Problem requirements -
Line by line, retype the material exactly and leave each picture out.
=== Section Start ===
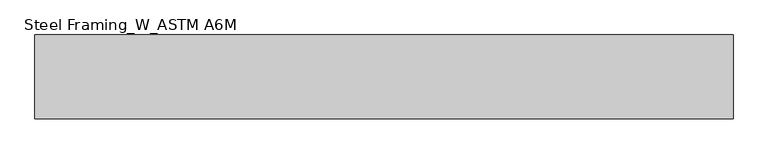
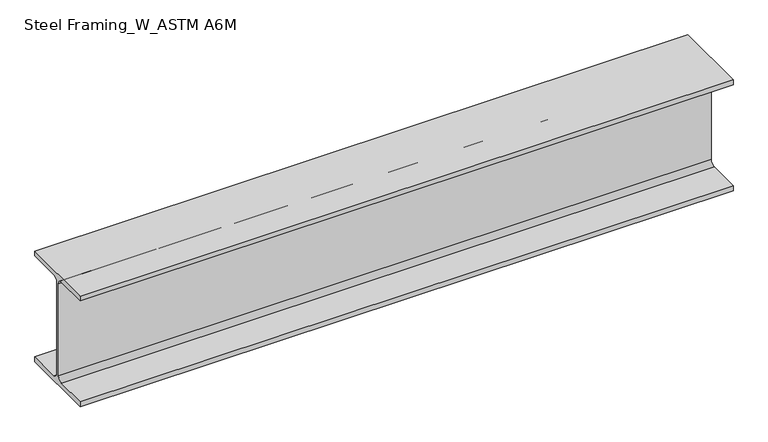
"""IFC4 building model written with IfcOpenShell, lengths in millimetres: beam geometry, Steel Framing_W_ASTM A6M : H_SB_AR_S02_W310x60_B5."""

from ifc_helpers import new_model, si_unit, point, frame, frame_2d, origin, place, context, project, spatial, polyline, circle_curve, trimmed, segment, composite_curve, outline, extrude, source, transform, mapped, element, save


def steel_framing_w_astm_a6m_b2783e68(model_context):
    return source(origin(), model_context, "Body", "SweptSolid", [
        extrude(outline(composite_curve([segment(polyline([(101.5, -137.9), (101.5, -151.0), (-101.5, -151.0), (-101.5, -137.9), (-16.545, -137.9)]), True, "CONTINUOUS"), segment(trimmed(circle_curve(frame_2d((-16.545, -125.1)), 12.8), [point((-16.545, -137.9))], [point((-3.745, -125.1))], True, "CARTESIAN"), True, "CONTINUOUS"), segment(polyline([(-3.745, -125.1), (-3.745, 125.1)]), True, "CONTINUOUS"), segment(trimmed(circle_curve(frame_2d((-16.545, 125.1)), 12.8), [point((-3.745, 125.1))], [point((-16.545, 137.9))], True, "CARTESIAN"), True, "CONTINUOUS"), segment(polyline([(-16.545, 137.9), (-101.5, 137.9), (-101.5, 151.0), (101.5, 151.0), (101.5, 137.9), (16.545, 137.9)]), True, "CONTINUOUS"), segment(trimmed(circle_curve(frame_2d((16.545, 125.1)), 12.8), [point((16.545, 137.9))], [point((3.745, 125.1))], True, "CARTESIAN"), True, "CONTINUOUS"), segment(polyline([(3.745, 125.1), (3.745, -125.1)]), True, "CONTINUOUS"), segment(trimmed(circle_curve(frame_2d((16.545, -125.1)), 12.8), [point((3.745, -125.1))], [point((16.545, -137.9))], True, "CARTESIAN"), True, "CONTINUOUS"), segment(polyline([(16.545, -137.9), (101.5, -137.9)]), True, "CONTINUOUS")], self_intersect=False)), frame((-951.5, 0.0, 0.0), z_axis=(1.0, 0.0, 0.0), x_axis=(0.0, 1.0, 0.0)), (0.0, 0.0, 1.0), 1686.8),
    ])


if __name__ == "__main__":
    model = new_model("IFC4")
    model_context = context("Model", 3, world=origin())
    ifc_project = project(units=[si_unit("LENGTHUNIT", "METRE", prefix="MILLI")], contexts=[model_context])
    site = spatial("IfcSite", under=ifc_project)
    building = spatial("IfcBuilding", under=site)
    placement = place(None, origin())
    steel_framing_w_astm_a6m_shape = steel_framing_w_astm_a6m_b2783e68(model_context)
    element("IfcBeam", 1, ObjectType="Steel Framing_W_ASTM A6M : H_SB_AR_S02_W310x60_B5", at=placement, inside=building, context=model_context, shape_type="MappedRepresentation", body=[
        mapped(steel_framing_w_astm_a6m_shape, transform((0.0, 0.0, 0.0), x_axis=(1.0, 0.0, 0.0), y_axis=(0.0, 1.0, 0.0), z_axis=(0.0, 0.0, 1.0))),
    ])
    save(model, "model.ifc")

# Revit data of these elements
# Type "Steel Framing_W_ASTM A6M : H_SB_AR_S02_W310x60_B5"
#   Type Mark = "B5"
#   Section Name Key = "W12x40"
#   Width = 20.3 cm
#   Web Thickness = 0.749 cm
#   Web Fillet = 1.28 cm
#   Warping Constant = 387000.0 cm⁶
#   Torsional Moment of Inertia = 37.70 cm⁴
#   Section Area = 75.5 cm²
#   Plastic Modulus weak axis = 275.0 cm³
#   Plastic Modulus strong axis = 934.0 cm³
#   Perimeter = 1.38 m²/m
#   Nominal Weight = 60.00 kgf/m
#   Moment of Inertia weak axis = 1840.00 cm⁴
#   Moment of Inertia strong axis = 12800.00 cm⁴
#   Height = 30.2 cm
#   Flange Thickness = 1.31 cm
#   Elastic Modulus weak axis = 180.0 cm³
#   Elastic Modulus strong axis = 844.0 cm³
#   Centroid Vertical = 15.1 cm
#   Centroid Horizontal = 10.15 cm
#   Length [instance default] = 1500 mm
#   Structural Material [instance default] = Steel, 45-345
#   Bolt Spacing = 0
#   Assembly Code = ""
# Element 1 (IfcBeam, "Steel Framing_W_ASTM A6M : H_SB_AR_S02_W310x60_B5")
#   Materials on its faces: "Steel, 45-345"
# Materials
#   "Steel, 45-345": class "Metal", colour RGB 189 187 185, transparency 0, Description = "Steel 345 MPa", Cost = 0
=== Section End ===
Exercise solution -
"""IFC4 building model written with IfcOpenShell, lengths in millimetres: beam geometry, Steel Framing_W_ASTM A6M : H_SB_AR_S02_W310x60_B5."""

from ifc_helpers import new_model, si_unit, point, frame, frame_2d, origin, place, context, project, spatial, polyline, circle_curve, trimmed, segment, composite_curve, outline, extrude, source, transform, mapped, element, save


def steel_framing_w_astm_a6m_b2783e68(model_context):
    return source(origin(), model_context, "Body", "SweptSolid", [
        extrude(outline(composite_curve([segment(polyline([(101.5, -137.9), (101.5, -151.0), (-101.5, -151.0), (-101.5, -137.9), (-16.545, -137.9)]), True, "CONTINUOUS"), segment(trimmed(circle_curve(frame_2d((-16.545, -125.1)), 12.8), [point((-16.545, -137.9))], [point((-3.745, -125.1))], True, "CARTESIAN"), True, "CONTINUOUS"), segment(polyline([(-3.745, -125.1), (-3.745, 125.1)]), True, "CONTINUOUS"), segment(trimmed(circle_curve(frame_2d((-16.545, 125.1)), 12.8), [point((-3.745, 125.1))], [point((-16.545, 137.9))], True, "CARTESIAN"), True, "CONTINUOUS"), segment(polyline([(-16.545, 137.9), (-101.5, 137.9), (-101.5, 151.0), (101.5, 151.0), (101.5, 137.9), (16.545, 137.9)]), True, "CONTINUOUS"), segment(trimmed(circle_curve(frame_2d((16.545, 125.1)), 12.8), [point((16.545, 137.9))], [point((3.745, 125.1))], True, "CARTESIAN"), True, "CONTINUOUS"), segment(polyline([(3.745, 125.1), (3.745, -125.1)]), True, "CONTINUOUS"), segment(trimmed(circle_curve(frame_2d((16.545, -125.1)), 12.8), [point((3.745, -125.1))], [point((16.545, -137.9))], True, "CARTESIAN"), True, "CONTINUOUS"), segment(polyline([(16.545, -137.9), (101.5, -137.9)]), True, "CONTINUOUS")], self_intersect=False)), frame((-951.5, 0.0, 0.0), z_axis=(1.0, 0.0, 0.0), x_axis=(0.0, 1.0, 0.0)), (0.0, 0.0, 1.0), 1686.8),
    ])


if __name__ == "__main__":
    model = new_model("IFC4")
    model_context = context("Model", 3, world=origin())
    ifc_project = project(units=[si_unit("LENGTHUNIT", "METRE", prefix="MILLI")], contexts=[model_context])
    site = spatial("IfcSite", under=ifc_project)
    building = spatial("IfcBuilding", under=site)
    placement = place(None, origin())
    steel_framing_w_astm_a6m_shape = steel_framing_w_astm_a6m_b2783e68(model_context)
    element("IfcBeam", 1, ObjectType="Steel Framing_W_ASTM A6M : H_SB_AR_S02_W310x60_B5", at=placement, inside=building, context=model_context, shape_type="MappedRepresentation", body=[
        mapped(steel_framing_w_astm_a6m_shape, transform((0.0, 0.0, 0.0), x_axis=(1.0, 0.0, 0.0), y_axis=(0.0, 1.0, 0.0), z_axis=(0.0, 0.0, 1.0))),
    ])
    save(model, "model.ifc")

# Revit data of these elements
# Type "Steel Framing_W_ASTM A6M : H_SB_AR_S02_W310x60_B5"
#   Type Mark = "B5"
#   Section Name Key = "W12x40"
#   Width = 20.3 cm
#   Web Thickness = 0.749 cm
#   Web Fillet = 1.28 cm
#   Warping Constant = 387000.0 cm⁶
#   Torsional Moment of Inertia = 37.70 cm⁴
#   Section Area = 75.5 cm²
#   Plastic Modulus weak axis = 275.0 cm³
#   Plastic Modulus strong axis = 934.0 cm³
#   Perimeter = 1.38 m²/m
#   Nominal Weight = 60.00 kgf/m
#   Moment of Inertia weak axis = 1840.00 cm⁴
#   Moment of Inertia strong axis = 12800.00 cm⁴
#   Height = 30.2 cm
#   Flange Thickness = 1.31 cm
#   Elastic Modulus weak axis = 180.0 cm³
#   Elastic Modulus strong axis = 844.0 cm³
#   Centroid Vertical = 15.1 cm
#   Centroid Horizontal = 10.15 cm
#   Length [instance default] = 1500 mm
#   Structural Material [instance default] = Steel, 45-345
#   Bolt Spacing = 0
#   Assembly Code = ""
# Element 1 (IfcBeam, "Steel Framing_W_ASTM A6M : H_SB_AR_S02_W310x60_B5")
#   Materials on its faces: "Steel, 45-345"
# Materials
#   "Steel, 45-345": class "Metal", colour RGB 189 187 185, transparency 0, Description = "Steel 345 MPa", Cost = 0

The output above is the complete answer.